Good question. I imagine there are many opinions on this topic. Some initial thoughts:
How are opponent-adjustments applied? Is it a season-long performance adjusted against the composite strength of the opposition faced? Is it applied game by game? Is it applied possession by possession or play by play?
I'm of the opinion, like Ed, that the specific results do matter and that beating a good team and losing to a poor one is not the same as beating the poor team and losing to the good one. Not precisely the same, anyway. As Matthew Smith pointed out, and I have discussed at FO, my FEI rating system includes a 'relevance' factor as part of the opponent-adjustment. Generally speaking, this means that games against teams that are of similar strength receive more weight in my formula, but I also add more weight to bad losses.
In the current issue of ESPN the Magazine, Peter Keating wrote a college football bit about the SRS (simple rating system), trumping it up as the best rating system in existence. It's absurd to consider any individual system the best without a lot of data to back it up, and Keating's column is pretty thin in that regard. Aside from the hyperbole, the article did get me to thinking about a key aspect to SRS that Keating valued -- the output is represented as the "points better than average" of each team. i.e., Alabama is 30 points better than average team, Oregon is 28 points better, Notre Dame is only 22 points better, etc.

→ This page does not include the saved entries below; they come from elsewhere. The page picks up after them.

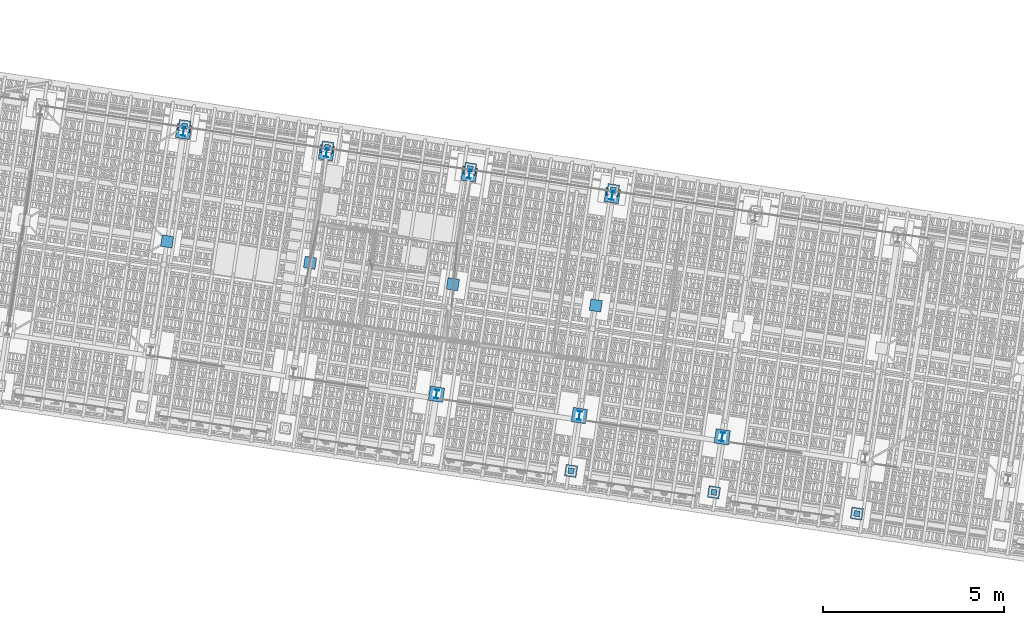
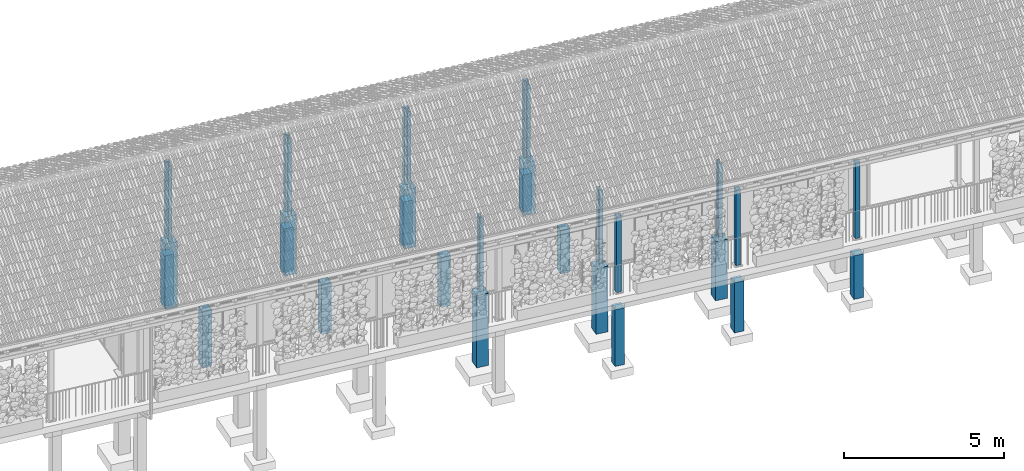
# One storey, part 4 of 131: 32 columns, 2 elements without a shape of their own.
"""IFC4 building model written with IfcOpenShell, lengths in metres."""

from ifc_helpers import new_model, si_unit, direction, frame, origin_with_axes, place, context, subcontext, project, spatial, polyline, rectangle, i_section, outline, extrude, material, material_profile, profile_set, profile_usage, type_object, element, aggregate, save


model = new_model("IFC4")

# Units and contexts
model_context = context("Model", 3, precision=1e-05, world=origin_with_axes(), true_north=direction((0.0, 1.0)))
body_context = subcontext(model_context, "Body", "Model", "MODEL_VIEW")
ifc_project = project(units=[si_unit("VOLUMEUNIT", "CUBIC_METRE"), si_unit("LENGTHUNIT", "METRE"), si_unit("AREAUNIT", "SQUARE_METRE")], contexts=[model_context])

# Site, building, storey
site_placement = place(None, origin_with_axes())
site = spatial("IfcSite", under=ifc_project, at=site_placement, Name="Lares · Rua das Mercês · artigo 4771")
building_placement = place(site_placement, frame((15.0, 9.7, 15.8), z_axis=(0.0, 0.0, 1.0), x_axis=(0.989015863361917, -0.147809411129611, 0.0)))
building = spatial("IfcBuilding", under=site, at=building_placement, Name="Casa Sobreposta")
storey_placement = place(building_placement, origin_with_axes())
storey = spatial("IfcBuildingStorey", under=building, at=storey_placement, Name="00 · Habitação e estacionamento", Elevation=15.8)

# Columns
ifc_material_1 = material(Name="Aço pintado / Stahl lackiert", Category="steel")
ifc_material_profile_1 = material_profile(ifc_material_1, i_section(OverallWidth=0.12, OverallDepth=0.24, WebThickness=0.0062, FlangeThickness=0.0098))
ifc_profile_set_1 = profile_set([ifc_material_profile_1], Name="IPE240")
ifc_profile_usage_1 = profile_usage(ifc_profile_set_1)
column_type_1 = type_object("IfcColumnType", Name="IPE240 / steel", PredefinedType="NOTDEFINED", material=ifc_profile_set_1)
column_1_placement = place(storey_placement, frame((4.0, 6.28, 0.0), z_axis=(0.0, 0.0, 1.0), x_axis=(1.0, 0.0, 0.0)))
element("IfcColumn", 1, at=column_1_placement, inside=storey, type_object=column_type_1, material=ifc_profile_usage_1, Name="Casa térrea · pilar metálico de referência", context=body_context, shape_type="SweptSolid", body=[
    extrude(i_section(OverallWidth=0.12, OverallDepth=0.24, WebThickness=0.0062, FlangeThickness=0.0098), origin_with_axes(), (0.0, 0.0, 1.0), 2.89),
])
ifc_profile_usage_2 = profile_usage(ifc_profile_set_1)
column_2_placement = place(storey_placement, frame((8.0, 6.28, 0.0), z_axis=(0.0, 0.0, 1.0), x_axis=(1.0, 0.0, 0.0)))
element("IfcColumn", 2, at=column_2_placement, inside=storey, type_object=column_type_1, material=ifc_profile_usage_2, Name="Casa térrea · pilar metálico de referência", context=body_context, shape_type="SweptSolid", body=[
    extrude(i_section(OverallWidth=0.12, OverallDepth=0.24, WebThickness=0.0062, FlangeThickness=0.0098), origin_with_axes(), (0.0, 0.0, 1.0), 2.89),
])
ifc_profile_usage_3 = profile_usage(ifc_profile_set_1)
column_3_placement = place(storey_placement, frame((12.0, 0.12, 0.0), z_axis=(0.0, 0.0, 1.0), x_axis=(1.0, 0.0, 0.0)))
element("IfcColumn", 3, at=column_3_placement, inside=storey, type_object=column_type_1, material=ifc_profile_usage_3, Name="Casa térrea · pilar metálico de referência", context=body_context, shape_type="SweptSolid", body=[
    extrude(i_section(OverallWidth=0.12, OverallDepth=0.24, WebThickness=0.0062, FlangeThickness=0.0098), origin_with_axes(), (0.0, 0.0, 1.0), 2.89),
])
ifc_profile_usage_4 = profile_usage(ifc_profile_set_1)
column_4_placement = place(storey_placement, frame((12.0, 6.28, 0.0), z_axis=(0.0, 0.0, 1.0), x_axis=(1.0, 0.0, 0.0)))
element("IfcColumn", 4, at=column_4_placement, inside=storey, type_object=column_type_1, material=ifc_profile_usage_4, Name="Casa térrea · pilar metálico de referência", context=body_context, shape_type="SweptSolid", body=[
    extrude(i_section(OverallWidth=0.12, OverallDepth=0.24, WebThickness=0.0062, FlangeThickness=0.0098), origin_with_axes(), (0.0, 0.0, 1.0), 2.89),
])
ifc_profile_usage_5 = profile_usage(ifc_profile_set_1)
column_5_placement = place(storey_placement, frame((16.0, 0.12, 0.0), z_axis=(0.0, 0.0, 1.0), x_axis=(1.0, 0.0, 0.0)))
element("IfcColumn", 5, at=column_5_placement, inside=storey, type_object=column_type_1, material=ifc_profile_usage_5, Name="Casa térrea · pilar metálico de referência", context=body_context, shape_type="SweptSolid", body=[
    extrude(i_section(OverallWidth=0.12, OverallDepth=0.24, WebThickness=0.0062, FlangeThickness=0.0098), origin_with_axes(), (0.0, 0.0, 1.0), 2.89),
])
ifc_profile_usage_6 = profile_usage(ifc_profile_set_1)
column_6_placement = place(storey_placement, frame((16.0, 6.28, 0.0), z_axis=(0.0, 0.0, 1.0), x_axis=(1.0, 0.0, 0.0)))
element("IfcColumn", 6, at=column_6_placement, inside=storey, type_object=column_type_1, material=ifc_profile_usage_6, Name="Casa térrea · pilar metálico de referência", context=body_context, shape_type="SweptSolid", body=[
    extrude(i_section(OverallWidth=0.12, OverallDepth=0.24, WebThickness=0.0062, FlangeThickness=0.0098), origin_with_axes(), (0.0, 0.0, 1.0), 2.89),
])
ifc_profile_usage_7 = profile_usage(ifc_profile_set_1)
column_7_placement = place(storey_placement, frame((20.0, 0.12, 0.0), z_axis=(0.0, 0.0, 1.0), x_axis=(1.0, 0.0, 0.0)))
element("IfcColumn", 7, at=column_7_placement, inside=storey, type_object=column_type_1, material=ifc_profile_usage_7, Name="Casa térrea · pilar metálico de referência", context=body_context, shape_type="SweptSolid", body=[
    extrude(i_section(OverallWidth=0.12, OverallDepth=0.24, WebThickness=0.0062, FlangeThickness=0.0098), origin_with_axes(), (0.0, 0.0, 1.0), 2.89),
])

# Assembly, columns
assembly_1_placement = place(storey_placement, origin_with_axes())
assembly_1 = element("IfcElementAssembly", 8, at=assembly_1_placement, inside=storey, Name="Varanda coberta · continuação integral da cobertura", ObjectType="COVERED_PODIUM_BALCONY", PredefinedType="USERDEFINED")
ifc_material_2 = material(Name="Madeira / Bauholz", Category="wood")
ifc_material_profile_2 = material_profile(ifc_material_2, rectangle(XDim=0.16, YDim=0.16))
ifc_profile_set_2 = profile_set([ifc_material_profile_2], Name="TIMBER0.160x0.160")
ifc_profile_usage_8 = profile_usage(ifc_profile_set_2)
column_type_2 = type_object("IfcColumnType", Name="TIMBER0.160x0.160 / timber", PredefinedType="NOTDEFINED", material=ifc_profile_set_2)
column_8_placement = place(assembly_1_placement, frame((4.0, 6.43, -0.015), z_axis=(0.0, 0.0, 1.0), x_axis=(1.0, 0.0, 0.0)))
column_8 = element("IfcColumn", 9, at=column_8_placement, type_object=column_type_2, material=ifc_profile_usage_8, Name="Varanda coberta · pilar", context=body_context, shape_type="SweptSolid", body=[
    extrude(rectangle(XDim=0.16, YDim=0.16), origin_with_axes(), (0.0, 0.0, 1.0), 2.905),
])
ifc_profile_usage_9 = profile_usage(ifc_profile_set_2)
column_9_placement = place(assembly_1_placement, frame((8.0, 6.43, -0.015), z_axis=(0.0, 0.0, 1.0), x_axis=(1.0, 0.0, 0.0)))
column_9 = element("IfcColumn", 10, at=column_9_placement, type_object=column_type_2, material=ifc_profile_usage_9, Name="Varanda coberta · pilar", context=body_context, shape_type="SweptSolid", body=[
    extrude(rectangle(XDim=0.16, YDim=0.16), origin_with_axes(), (0.0, 0.0, 1.0), 2.905),
])
ifc_profile_usage_10 = profile_usage(ifc_profile_set_2)
column_10_placement = place(assembly_1_placement, frame((12.0, 6.43, -0.015), z_axis=(0.0, 0.0, 1.0), x_axis=(1.0, 0.0, 0.0)))
column_10 = element("IfcColumn", 11, at=column_10_placement, type_object=column_type_2, material=ifc_profile_usage_10, Name="Varanda coberta · pilar", context=body_context, shape_type="SweptSolid", body=[
    extrude(rectangle(XDim=0.16, YDim=0.16), origin_with_axes(), (0.0, 0.0, 1.0), 2.905),
])
ifc_profile_usage_11 = profile_usage(ifc_profile_set_2)
column_11_placement = place(assembly_1_placement, frame((16.0, -1.43, -0.015), z_axis=(0.0, 0.0, 1.0), x_axis=(1.0, 0.0, 0.0)))
column_11 = element("IfcColumn", 12, at=column_11_placement, type_object=column_type_2, material=ifc_profile_usage_11, Name="Varanda coberta · pilar", context=body_context, shape_type="SweptSolid", body=[
    extrude(rectangle(XDim=0.16, YDim=0.16), origin_with_axes(), (0.0, 0.0, 1.0), 2.905),
])
ifc_profile_usage_12 = profile_usage(ifc_profile_set_2)
column_12_placement = place(assembly_1_placement, frame((16.0, 6.43, -0.015), z_axis=(0.0, 0.0, 1.0), x_axis=(1.0, 0.0, 0.0)))
column_12 = element("IfcColumn", 13, at=column_12_placement, type_object=column_type_2, material=ifc_profile_usage_12, Name="Varanda coberta · pilar", context=body_context, shape_type="SweptSolid", body=[
    extrude(rectangle(XDim=0.16, YDim=0.16), origin_with_axes(), (0.0, 0.0, 1.0), 2.905),
])
ifc_profile_usage_13 = profile_usage(ifc_profile_set_2)
column_13_placement = place(assembly_1_placement, frame((20.0, -1.43, -0.015), z_axis=(0.0, 0.0, 1.0), x_axis=(1.0, 0.0, 0.0)))
column_13 = element("IfcColumn", 14, at=column_13_placement, type_object=column_type_2, material=ifc_profile_usage_13, Name="Varanda coberta · pilar", context=body_context, shape_type="SweptSolid", body=[
    extrude(rectangle(XDim=0.16, YDim=0.16), origin_with_axes(), (0.0, 0.0, 1.0), 2.905),
])
ifc_profile_usage_14 = profile_usage(ifc_profile_set_2)
column_14_placement = place(assembly_1_placement, frame((24.0, -1.43, -0.015), z_axis=(0.0, 0.0, 1.0), x_axis=(1.0, 0.0, 0.0)))
column_14 = element("IfcColumn", 15, at=column_14_placement, type_object=column_type_2, material=ifc_profile_usage_14, Name="Varanda coberta · pilar", context=body_context, shape_type="SweptSolid", body=[
    extrude(rectangle(XDim=0.16, YDim=0.16), origin_with_axes(), (0.0, 0.0, 1.0), 2.905),
])
aggregate(assembly_1, [column_8, column_9, column_10, column_11, column_12, column_13, column_14])

# Columns
ifc_material_3 = material(Name="Betão armado / Stahlbeton", Category="concrete")
column_15_placement = place(storey_placement, frame((0.0, 0.0, -2.5), z_axis=(0.0, 0.0, 1.0), x_axis=(1.0, 0.0, 0.0)))
element("IfcColumn", 16, at=column_15_placement, inside=storey, material=ifc_material_3, Name="Casa térrea · pedestal", context=body_context, shape_type="SweptSolid", body=[
    extrude(outline(polyline([(4.2, 6.08), (4.2, 6.48), (3.8, 6.48), (3.8, 6.08), (4.2, 6.08)])), origin_with_axes(), (0.0, 0.0, 1.0), 2.5),
])
column_16_placement = place(storey_placement, frame((0.0, 0.0, -2.25), z_axis=(0.0, 0.0, 1.0), x_axis=(1.0, 0.0, 0.0)))
element("IfcColumn", 17, at=column_16_placement, inside=storey, material=ifc_material_3, Name="Casa térrea · pedestal", context=body_context, shape_type="SweptSolid", body=[
    extrude(outline(polyline([(8.2, 6.08), (8.2, 6.48), (7.8, 6.48), (7.8, 6.08), (8.2, 6.08)])), origin_with_axes(), (0.0, 0.0, 1.0), 2.25),
])
column_17_placement = place(storey_placement, frame((0.0, 0.0, -2.75), z_axis=(0.0, 0.0, 1.0), x_axis=(1.0, 0.0, 0.0)))
element("IfcColumn", 18, at=column_17_placement, inside=storey, material=ifc_material_3, Name="Casa térrea · pedestal", context=body_context, shape_type="SweptSolid", body=[
    extrude(outline(polyline([(12.2, -0.08), (12.2, 0.32), (11.8, 0.32), (11.8, -0.08), (12.2, -0.08)])), origin_with_axes(), (0.0, 0.0, 1.0), 2.75),
])
column_18_placement = place(storey_placement, frame((0.0, 0.0, -2.25), z_axis=(0.0, 0.0, 1.0), x_axis=(1.0, 0.0, 0.0)))
element("IfcColumn", 19, at=column_18_placement, inside=storey, material=ifc_material_3, Name="Casa térrea · pedestal", context=body_context, shape_type="SweptSolid", body=[
    extrude(outline(polyline([(12.2, 6.08), (12.2, 6.48), (11.8, 6.48), (11.8, 6.08), (12.2, 6.08)])), origin_with_axes(), (0.0, 0.0, 1.0), 2.25),
])
column_19_placement = place(storey_placement, frame((0.0, 0.0, -2.5), z_axis=(0.0, 0.0, 1.0), x_axis=(1.0, 0.0, 0.0)))
element("IfcColumn", 20, at=column_19_placement, inside=storey, material=ifc_material_3, Name="Casa térrea · pedestal", context=body_context, shape_type="SweptSolid", body=[
    extrude(outline(polyline([(16.2, -0.08), (16.2, 0.32), (15.8, 0.32), (15.8, -0.08), (16.2, -0.08)])), origin_with_axes(), (0.0, 0.0, 1.0), 2.5),
])
column_20_placement = place(storey_placement, frame((0.0, 0.0, -2.0), z_axis=(0.0, 0.0, 1.0), x_axis=(1.0, 0.0, 0.0)))
element("IfcColumn", 21, at=column_20_placement, inside=storey, material=ifc_material_3, Name="Casa térrea · pedestal", context=body_context, shape_type="SweptSolid", body=[
    extrude(outline(polyline([(16.2, 6.08), (16.2, 6.48), (15.8, 6.48), (15.8, 6.08), (16.2, 6.08)])), origin_with_axes(), (0.0, 0.0, 1.0), 2.0),
])
column_21_placement = place(storey_placement, frame((0.0, 0.0, -2.25), z_axis=(0.0, 0.0, 1.0), x_axis=(1.0, 0.0, 0.0)))
element("IfcColumn", 22, at=column_21_placement, inside=storey, material=ifc_material_3, Name="Casa térrea · pedestal", context=body_context, shape_type="SweptSolid", body=[
    extrude(outline(polyline([(20.2, -0.08), (20.2, 0.32), (19.8, 0.32), (19.8, -0.08), (20.2, -0.08)])), origin_with_axes(), (0.0, 0.0, 1.0), 2.25),
])

# Assembly, columns
assembly_2_placement = place(storey_placement, origin_with_axes())
assembly_2 = element("IfcElementAssembly", 23, at=assembly_2_placement, inside=storey, Name="Pódio · terraço, casa térrea e cisterna", ObjectType="CISTERN_PODIUM", PredefinedType="USERDEFINED")
column_22_placement = place(assembly_2_placement, frame((0.0, 0.0, -2.75), z_axis=(0.0, 0.0, 1.0), x_axis=(1.0, 0.0, 0.0)))
column_22 = element("IfcColumn", 24, at=column_22_placement, material=ifc_material_3, Name="Pódio suspenso · apoio sobre o terreno", context=body_context, shape_type="SweptSolid", body=[
    extrude(outline(polyline([(4.16, 3.04), (4.16, 3.36), (3.84, 3.36), (3.84, 3.04), (4.16, 3.04)])), origin_with_axes(), (0.0, 0.0, 1.0), 2.16),
])
column_23_placement = place(assembly_2_placement, frame((0.0, 0.0, -2.5), z_axis=(0.0, 0.0, 1.0), x_axis=(1.0, 0.0, 0.0)))
column_23 = element("IfcColumn", 25, at=column_23_placement, material=ifc_material_3, Name="Pódio suspenso · apoio sobre o terreno", context=body_context, shape_type="SweptSolid", body=[
    extrude(outline(polyline([(4.16, 6.27), (4.16, 6.59), (3.84, 6.59), (3.84, 6.27), (4.16, 6.27)])), origin_with_axes(), (0.0, 0.0, 1.0), 1.91),
])
column_24_placement = place(assembly_2_placement, frame((0.0, 0.0, -2.5), z_axis=(0.0, 0.0, 1.0), x_axis=(1.0, 0.0, 0.0)))
column_24 = element("IfcColumn", 26, at=column_24_placement, material=ifc_material_3, Name="Pódio suspenso · apoio sobre o terreno", context=body_context, shape_type="SweptSolid", body=[
    extrude(outline(polyline([(8.16, 3.04), (8.16, 3.36), (7.84, 3.36), (7.84, 3.04), (8.16, 3.04)])), origin_with_axes(), (0.0, 0.0, 1.0), 1.91),
])
column_25_placement = place(assembly_2_placement, frame((0.0, 0.0, -2.25), z_axis=(0.0, 0.0, 1.0), x_axis=(1.0, 0.0, 0.0)))
column_25 = element("IfcColumn", 27, at=column_25_placement, material=ifc_material_3, Name="Pódio suspenso · apoio sobre o terreno", context=body_context, shape_type="SweptSolid", body=[
    extrude(outline(polyline([(8.16, 6.27), (8.16, 6.59), (7.84, 6.59), (7.84, 6.27), (8.16, 6.27)])), origin_with_axes(), (0.0, 0.0, 1.0), 1.66),
])
column_26_placement = place(assembly_2_placement, frame((0.0, 0.0, -2.5), z_axis=(0.0, 0.0, 1.0), x_axis=(1.0, 0.0, 0.0)))
column_26 = element("IfcColumn", 28, at=column_26_placement, material=ifc_material_3, Name="Pódio suspenso · apoio sobre o terreno", context=body_context, shape_type="SweptSolid", body=[
    extrude(outline(polyline([(12.16, 3.04), (12.16, 3.36), (11.84, 3.36), (11.84, 3.04), (12.16, 3.04)])), origin_with_axes(), (0.0, 0.0, 1.0), 1.91),
])
column_27_placement = place(assembly_2_placement, frame((0.0, 0.0, -2.25), z_axis=(0.0, 0.0, 1.0), x_axis=(1.0, 0.0, 0.0)))
column_27 = element("IfcColumn", 29, at=column_27_placement, material=ifc_material_3, Name="Pódio suspenso · apoio sobre o terreno", context=body_context, shape_type="SweptSolid", body=[
    extrude(outline(polyline([(12.16, 6.27), (12.16, 6.59), (11.84, 6.59), (11.84, 6.27), (12.16, 6.27)])), origin_with_axes(), (0.0, 0.0, 1.0), 1.66),
])
column_28_placement = place(assembly_2_placement, frame((0.0, 0.0, -2.75), z_axis=(0.0, 0.0, 1.0), x_axis=(1.0, 0.0, 0.0)))
column_28 = element("IfcColumn", 30, at=column_28_placement, material=ifc_material_3, Name="Pódio suspenso · apoio sobre o terreno", context=body_context, shape_type="SweptSolid", body=[
    extrude(outline(polyline([(16.16, -1.59), (16.16, -1.27), (15.84, -1.27), (15.84, -1.59), (16.16, -1.59)])), origin_with_axes(), (0.0, 0.0, 1.0), 2.16),
])
column_29_placement = place(assembly_2_placement, frame((0.0, 0.0, -2.25), z_axis=(0.0, 0.0, 1.0), x_axis=(1.0, 0.0, 0.0)))
column_29 = element("IfcColumn", 31, at=column_29_placement, material=ifc_material_3, Name="Pódio suspenso · apoio sobre o terreno", context=body_context, shape_type="SweptSolid", body=[
    extrude(outline(polyline([(16.16, 3.04), (16.16, 3.36), (15.84, 3.36), (15.84, 3.04), (16.16, 3.04)])), origin_with_axes(), (0.0, 0.0, 1.0), 1.66),
])
column_30_placement = place(assembly_2_placement, frame((0.0, 0.0, -2.0), z_axis=(0.0, 0.0, 1.0), x_axis=(1.0, 0.0, 0.0)))
column_30 = element("IfcColumn", 32, at=column_30_placement, material=ifc_material_3, Name="Pódio suspenso · apoio sobre o terreno", context=body_context, shape_type="SweptSolid", body=[
    extrude(outline(polyline([(16.16, 6.27), (16.16, 6.59), (15.84, 6.59), (15.84, 6.27), (16.16, 6.27)])), origin_with_axes(), (0.0, 0.0, 1.0), 1.41),
])
column_31_placement = place(assembly_2_placement, frame((0.0, 0.0, -2.5), z_axis=(0.0, 0.0, 1.0), x_axis=(1.0, 0.0, 0.0)))
column_31 = element("IfcColumn", 33, at=column_31_placement, material=ifc_material_3, Name="Pódio suspenso · apoio sobre o terreno", context=body_context, shape_type="SweptSolid", body=[
    extrude(outline(polyline([(20.16, -1.59), (20.16, -1.27), (19.84, -1.27), (19.84, -1.59), (20.16, -1.59)])), origin_with_axes(), (0.0, 0.0, 1.0), 1.91),
])
column_32_placement = place(assembly_2_placement, frame((0.0, 0.0, -2.25), z_axis=(0.0, 0.0, 1.0), x_axis=(1.0, 0.0, 0.0)))
column_32 = element("IfcColumn", 34, at=column_32_placement, material=ifc_material_3, Name="Pódio suspenso · apoio sobre o terreno", context=body_context, shape_type="SweptSolid", body=[
    extrude(outline(polyline([(24.16, -1.59), (24.16, -1.27), (23.84, -1.27), (23.84, -1.59), (24.16, -1.59)])), origin_with_axes(), (0.0, 0.0, 1.0), 1.66),
])
aggregate(assembly_2, [column_22, column_23, column_24, column_25, column_26, column_27, column_28, column_29, column_30, column_31, column_32])

save(model, "model.ifc")

Most systems represent their data this way. Maybe not in terms of points, but in terms of relationship to average. FEI is represented this way. The thing that jumped out at me from Keating's article was that we take the transitive property for granted when we represent our data this way. Alabama is 30 points better than average, Notre Dame is 22 points better than average, ergo, Alabama is 8 points better than Notre Dame. It makes intuitive sense to draw that conclusion, but I wonder if that's actually what the numbers themselves mean. Does a great team's relationship to an average team have a linear relationship to its relationship to another great team?
I represent strength of schedule as an elite team's likelihood of going undefeated against the schedule. That's quite different from measuring its ability to play against a schedule full of average teams. Should the rating system be reconstructed to measure each team against an elite team rather than an average one?